* [Work request]:
In the copy, keep the lines from the first line of the material below through the line containing "doc.layers.add('V-TOPO-SOUN', color=7, linetype='Continuous')" exactly as they are, and include no pictures.

╭──

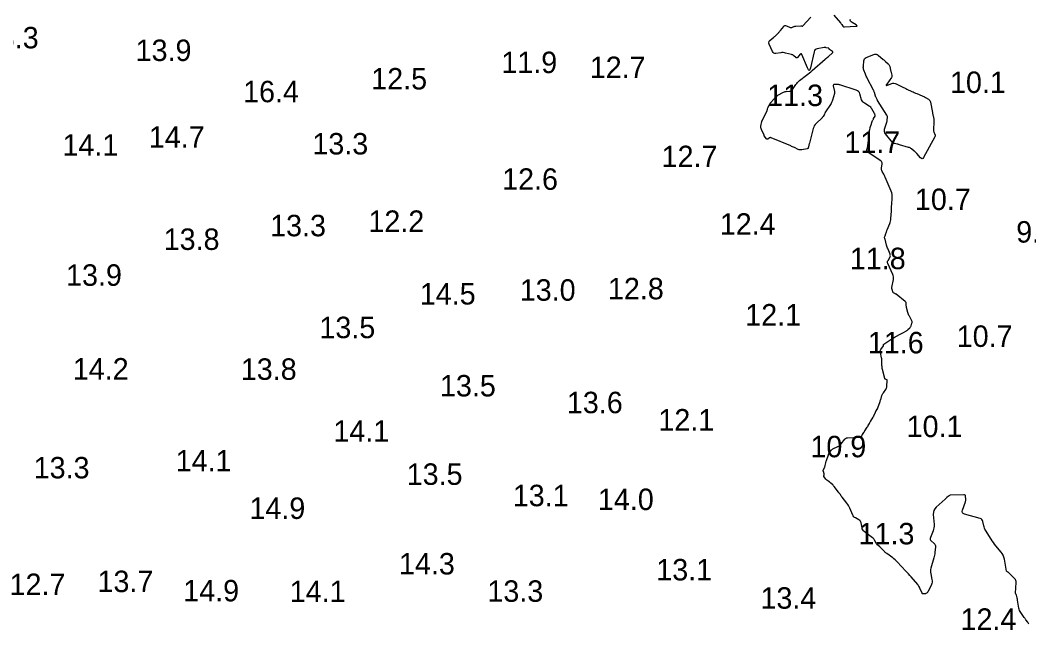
# Model space of a CAD drawing. Extents: x 815352 to 820877, y 582403 to 597439.
# Drawn here: x 819447.5 to 819682.5, y 593633.2 to 593775.3 of the extents above; entities that cross this region are included whole.
import ezdxf

# ---------------------------------------------------------------- set-up
doc = ezdxf.new("R2010")
doc.units = 0
doc.layers.add('V-CONT-EL12', color=7, linetype='Continuous')
doc.layers.add('V-TOPO-SOUN', color=7, linetype='Continuous')

msp = doc.modelspace()

# ---------------------------------------------------------------- linework, layer by layer
at = {"layer": 'V-CONT-EL12'}
for points in [[(819682.56, 593634.52), (819682.47, 593634.67), (819682.37, 593634.81), (819682.27, 593634.95), (819681.86, 593635.51), (819681.76, 593635.64), (819681.66, 593635.78), (819681.56, 593635.92), (819681.46, 593636.06), (819680.64, 593637.2), (819680.48, 593637.44), (819680.36, 593637.7), (819680.26, 593637.97), (819680.2, 593638.25), (819679.9, 593640.13), (819679.88, 593640.25), (819679.86, 593640.38), (819679.83, 593640.5), (819679.8, 593640.62), (819679.64, 593641.25), (819679.62, 593641.3), (819679.61, 593641.34), (819679.59, 593641.38), (819679.57, 593641.42), (819679.48, 593641.58), (819679.47, 593641.62), (819679.45, 593641.66), (819679.45, 593641.7), (819679.45, 593641.75), (819679.57, 593644.2), (819679.57, 593644.24), (819679.57, 593644.28), (819679.57, 593644.32), (819679.57, 593644.36), (819679.55, 593644.51), (819679.55, 593644.55), (819679.54, 593644.59), (819679.53, 593644.62), (819679.52, 593644.66), (819679.43, 593644.86), (819679.41, 593644.9), (819679.39, 593644.94), (819679.36, 593644.98), (819679.33, 593645.02), (819677.71, 593646.59), (819677.68, 593646.62), (819677.65, 593646.64), (819677.61, 593646.66), (819677.58, 593646.68), (819677.44, 593646.76), (819677.4, 593646.78), (819677.38, 593646.81), (819677.36, 593646.84), (819677.35, 593646.88), (819676.84, 593649.67), (819676.73, 593650.12), (819676.56, 593650.55), (819676.34, 593650.95), (819676.06, 593651.32), (819674.85, 593652.77), (819674.55, 593653.13), (819674.27, 593653.51), (819674, 593653.9), (819673.74, 593654.29), (819672.43, 593656.43), (819672.3, 593656.66), (819672.19, 593656.9), (819672.1, 593657.15), (819672.03, 593657.41), (819671.8, 593658.45), (819671.71, 593658.69), (819671.58, 593658.88), (819671.4, 593659.02), (819671.17, 593659.11), (819667.55, 593660.13), (819667.23, 593660.27), (819667.05, 593660.48), (819666.99, 593660.75), (819667.06, 593661.09), (819667.75, 593662.98), (819667.8, 593663.15), (819667.83, 593663.31), (819667.85, 593663.48), (819667.84, 593663.64), (819667.78, 593664.32), (819667.74, 593664.47), (819667.67, 593664.58), (819667.55, 593664.64), (819667.4, 593664.65), (819664.31, 593664.56), (819664.18, 593664.54), (819664.06, 593664.51), (819663.94, 593664.45), (819663.83, 593664.37), (819663.42, 593664), (819663.32, 593663.91), (819663.22, 593663.82), (819663.12, 593663.73), (819663.02, 593663.64), (819660.95, 593661.78), (819660.63, 593661.42), (819660.41, 593661.02), (819660.29, 593660.57), (819660.27, 593660.09), (819660.44, 593657.7), (819660.44, 593657.34), (819660.41, 593656.98), (819660.34, 593656.63), (819660.23, 593656.29), (819659.61, 593654.68), (819659.56, 593654.47), (819659.57, 593654.27), (819659.65, 593654.09), (819659.79, 593653.93), (819660.49, 593653.31), (819660.64, 593653.15), (819660.74, 593652.96), (819660.79, 593652.76), (819660.79, 593652.54), (819660.66, 593651.17), (819660.63, 593650.86), (819660.57, 593650.56), (819660.51, 593650.26), (819660.43, 593649.97), (819659.7, 593647.58), (819659.63, 593647.25), (819659.6, 593646.93), (819659.61, 593646.6), (819659.66, 593646.27), (819659.96, 593644.94), (819660, 593644.62), (819659.99, 593644.31), (819659.93, 593644.01), (819659.82, 593643.71), (819659.04, 593642.09), (819659, 593642.01), (819658.95, 593641.94), (819658.89, 593641.88), (819658.82, 593641.83), (819658.51, 593641.62), (819658.44, 593641.58), (819658.37, 593641.55), (819658.29, 593641.54), (819658.21, 593641.54), (819657.88, 593641.56), (819657.81, 593641.57), (819657.74, 593641.6), (819657.69, 593641.65), (819657.66, 593641.72), (819657.14, 593642.92), (819657.04, 593643.14), (819656.92, 593643.35), (819656.78, 593643.55), (819656.63, 593643.74), (819655.13, 593645.5), (819654.82, 593645.85), (819654.51, 593646.2), (819654.2, 593646.55), (819653.88, 593646.89), (819651.84, 593649.05), (819651.6, 593649.29), (819651.35, 593649.53), (819651.09, 593649.75), (819650.81, 593649.96), (819649.46, 593650.94), (819649.3, 593651.06), (819649.15, 593651.19), (819649.01, 593651.32), (819648.87, 593651.46), (819648.26, 593652.09), (819648.15, 593652.2), (819648.04, 593652.3), (819647.93, 593652.41), (819647.81, 593652.51), (819647.34, 593652.9), (819647.23, 593653.01), (819647.13, 593653.12), (819647.04, 593653.24), (819646.97, 593653.37), (819646.59, 593654.1), (819646.5, 593654.26), (819646.38, 593654.41), (819646.26, 593654.54), (819646.12, 593654.66), (819644.2, 593656.08), (819644, 593656.26), (819643.84, 593656.46), (819643.73, 593656.69), (819643.66, 593656.95), (819643.45, 593658.09), (819643.38, 593658.31), (819643.28, 593658.5), (819643.13, 593658.66), (819642.94, 593658.79), (819642.11, 593659.26), (819641.91, 593659.39), (819641.75, 593659.54), (819641.61, 593659.72), (819641.5, 593659.93), (819640.82, 593661.56), (819640.68, 593661.86), (819640.52, 593662.14), (819640.35, 593662.42), (819640.15, 593662.68), (819639, 593664.11), (819638.95, 593664.17), (819638.91, 593664.22), (819638.88, 593664.28), (819638.84, 593664.35), (819638.71, 593664.6), (819638.67, 593664.66), (819638.63, 593664.72), (819638.59, 593664.78), (819638.54, 593664.83), (819638.35, 593665.07), (819638.3, 593665.12), (819638.25, 593665.18), (819638.21, 593665.24), (819638.16, 593665.3), (819637.21, 593666.55), (819637.12, 593666.66), (819637.03, 593666.77), (819636.93, 593666.87), (819636.83, 593666.97), (819636.38, 593667.4), (819636.29, 593667.48), (819636.19, 593667.56), (819636.1, 593667.63), (819636, 593667.7), (819635.6, 593667.98), (819635.5, 593668.05), (819635.41, 593668.13), (819635.33, 593668.21), (819635.25, 593668.3), (819634.82, 593668.82), (819634.78, 593668.88), (819634.76, 593668.93), (819634.76, 593668.99), (819634.77, 593669.05), (819634.83, 593669.31), (819634.84, 593669.37), (819634.85, 593669.43), (819634.84, 593669.5), (819634.82, 593669.56), (819634.66, 593670.05), (819634.64, 593670.16), (819634.63, 593670.26), (819634.65, 593670.36), (819634.68, 593670.46), (819634.92, 593670.99), (819634.97, 593671.12), (819635.02, 593671.24), (819635.05, 593671.37), (819635.08, 593671.5), (819635.21, 593672.1), (819635.24, 593672.25), (819635.28, 593672.39), (819635.32, 593672.53), (819635.36, 593672.67), (819635.83, 593674), (819635.88, 593674.14), (819635.95, 593674.27), (819636.02, 593674.4), (819636.1, 593674.52), (819636.45, 593674.99), (819636.55, 593675.1), (819636.65, 593675.2), (819636.77, 593675.28), (819636.9, 593675.35), (819638.03, 593675.88), (819638.25, 593676), (819638.45, 593676.14), (819638.64, 593676.31), (819638.8, 593676.5), (819639.66, 593677.61), (819639.7, 593677.66), (819639.74, 593677.7), (819639.79, 593677.74), (819639.85, 593677.77), (819640.07, 593677.9), (819640.13, 593677.93), (819640.18, 593677.95), (819640.24, 593677.96), (819640.31, 593677.97), (819642.97, 593678.1), (819643.04, 593678.1), (819643.1, 593678.11), (819643.17, 593678.13), (819643.23, 593678.15), (819643.52, 593678.24), (819643.56, 593678.26), (819643.59, 593678.28), (819643.62, 593678.32), (819643.63, 593678.36), (819643.68, 593678.53), (819643.7, 593678.57), (819643.71, 593678.61), (819643.73, 593678.65), (819643.76, 593678.69), (819644.09, 593679.18), (819644.16, 593679.27), (819644.22, 593679.37), (819644.28, 593679.46), (819644.34, 593679.56), (819644.86, 593680.38), (819644.93, 593680.49), (819645, 593680.6), (819645.07, 593680.71), (819645.13, 593680.83), (819645.39, 593681.28), (819645.46, 593681.4), (819645.52, 593681.51), (819645.59, 593681.63), (819645.65, 593681.74), (819646.25, 593682.76), (819646.32, 593682.88), (819646.38, 593683), (819646.44, 593683.12), (819646.49, 593683.24), (819646.79, 593683.92), (819646.8, 593683.94), (819646.82, 593683.96), (819646.83, 593683.99), (819646.84, 593684.01), (819646.89, 593684.1), (819646.9, 593684.12), (819646.92, 593684.14), (819646.93, 593684.16), (819646.95, 593684.19), (819647.22, 593684.58), (819647.26, 593684.65), (819647.3, 593684.73), (819647.34, 593684.81), (819647.37, 593684.89), (819647.87, 593686.39), (819647.93, 593686.56), (819647.98, 593686.73), (819648.04, 593686.91), (819648.09, 593687.08), (819648.31, 593687.77), (819648.37, 593687.94), (819648.45, 593688.11), (819648.53, 593688.26), (819648.63, 593688.41), (819649.2, 593689.19), (819649.31, 593689.37), (819649.4, 593689.57), (819649.45, 593689.77), (819649.48, 593689.99), (819649.55, 593691.3), (819649.54, 593691.37), (819649.52, 593691.42), (819649.48, 593691.46), (819649.42, 593691.48), (819649.15, 593691.57), (819649.09, 593691.6), (819649.04, 593691.64), (819649, 593691.69), (819648.98, 593691.75), (819648.42, 593693.89), (819648.38, 593694.11), (819648.34, 593694.33), (819648.32, 593694.55), (819648.31, 593694.77), (819648.3, 593695.66), (819648.3, 593695.89), (819648.28, 593696.11), (819648.25, 593696.33), (819648.21, 593696.55), (819647.94, 593697.85), (819647.92, 593698.02), (819647.93, 593698.2), (819647.98, 593698.36), (819648.07, 593698.51), (819648.67, 593699.37), (819648.69, 593699.4), (819648.7, 593699.43), (819648.7, 593699.46), (819648.7, 593699.5), (819648.67, 593699.63), (819648.67, 593699.66), (819648.68, 593699.69), (819648.69, 593699.71), (819648.71, 593699.74), (819650.38, 593700.85), (819650.63, 593701.02), (819650.89, 593701.18), (819651.15, 593701.33), (819651.42, 593701.47), (819652.74, 593702.16), (819652.88, 593702.23), (819653.02, 593702.31), (819653.17, 593702.39), (819653.31, 593702.47), (819653.9, 593702.81), (819654.02, 593702.89), (819654.14, 593702.97), (819654.25, 593703.06), (819654.36, 593703.16), (819654.78, 593703.57), (819654.88, 593703.68), (819654.96, 593703.79), (819655.03, 593703.92), (819655.09, 593704.05), (819655.3, 593704.62), (819655.34, 593704.76), (819655.35, 593704.9), (819655.32, 593705.04), (819655.27, 593705.17), (819654.69, 593706.27), (819654.59, 593706.48), (819654.5, 593706.7), (819654.42, 593706.92), (819654.35, 593707.15), (819654.05, 593708.29), (819654.02, 593708.42), (819654, 593708.54), (819653.98, 593708.67), (819653.97, 593708.8), (819653.94, 593709.32), (819653.93, 593709.44), (819653.88, 593709.55), (819653.82, 593709.65), (819653.73, 593709.73), (819651.6, 593711.39), (819651.53, 593711.44), (819651.47, 593711.49), (819651.4, 593711.53), (819651.33, 593711.58), (819651.02, 593711.75), (819650.96, 593711.79), (819650.92, 593711.84), (819650.88, 593711.9), (819650.85, 593711.96), (819650.76, 593712.27), (819650.74, 593712.33), (819650.73, 593712.39), (819650.71, 593712.45), (819650.7, 593712.51), (819650.64, 593712.76), (819650.63, 593712.82), (819650.63, 593712.88), (819650.63, 593712.95), (819650.64, 593713.01), (819650.98, 593714.8), (819651.01, 593715.12), (819651, 593715.43), (819650.94, 593715.74), (819650.82, 593716.03), (819649.68, 593718.53), (819649.61, 593718.72), (819649.6, 593718.9), (819649.63, 593719.09), (819649.72, 593719.27), (819650.15, 593719.98), (819650.23, 593720.17), (819650.27, 593720.35), (819650.26, 593720.54), (819650.21, 593720.73), (819649.72, 593721.9), (819649.62, 593722.14), (819649.54, 593722.38), (819649.46, 593722.62), (819649.39, 593722.86), (819649.03, 593724.26), (819649.02, 593724.3), (819649.01, 593724.34), (819648.99, 593724.38), (819648.97, 593724.42), (819648.9, 593724.57), (819648.89, 593724.61), (819648.88, 593724.65), (819648.89, 593724.69), (819648.9, 593724.73), (819649.05, 593725.05), (819649.08, 593725.12), (819649.11, 593725.18), (819649.14, 593725.25), (819649.16, 593725.32), (819649.34, 593725.92), (819649.38, 593726.04), (819649.42, 593726.16), (819649.46, 593726.28), (819649.51, 593726.4), (819650.12, 593727.86), (819650.23, 593728.14), (819650.31, 593728.43), (819650.37, 593728.73), (819650.4, 593729.03), (819650.5, 593730.74), (819650.53, 593731.12), (819650.55, 593731.51), (819650.57, 593731.9), (819650.6, 593732.28), (819650.7, 593733.89), (819650.7, 593734.29), (819650.66, 593734.68), (819650.58, 593735.05), (819650.45, 593735.43), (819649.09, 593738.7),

╰──

* [Response below]:
# Model space of a CAD drawing. Extents: x 815352 to 820877, y 582403 to 597439.
# Drawn here: x 819447.5 to 819682.5, y 593633.2 to 593775.3 of the extents above; entities that cross this region are included whole.
import ezdxf

# ---------------------------------------------------------------- set-up
doc = ezdxf.new("R2010")
doc.units = 0
doc.layers.add('V-CONT-EL12', color=7, linetype='Continuous')
doc.layers.add('V-TOPO-SOUN', color=7, linetype='Continuous')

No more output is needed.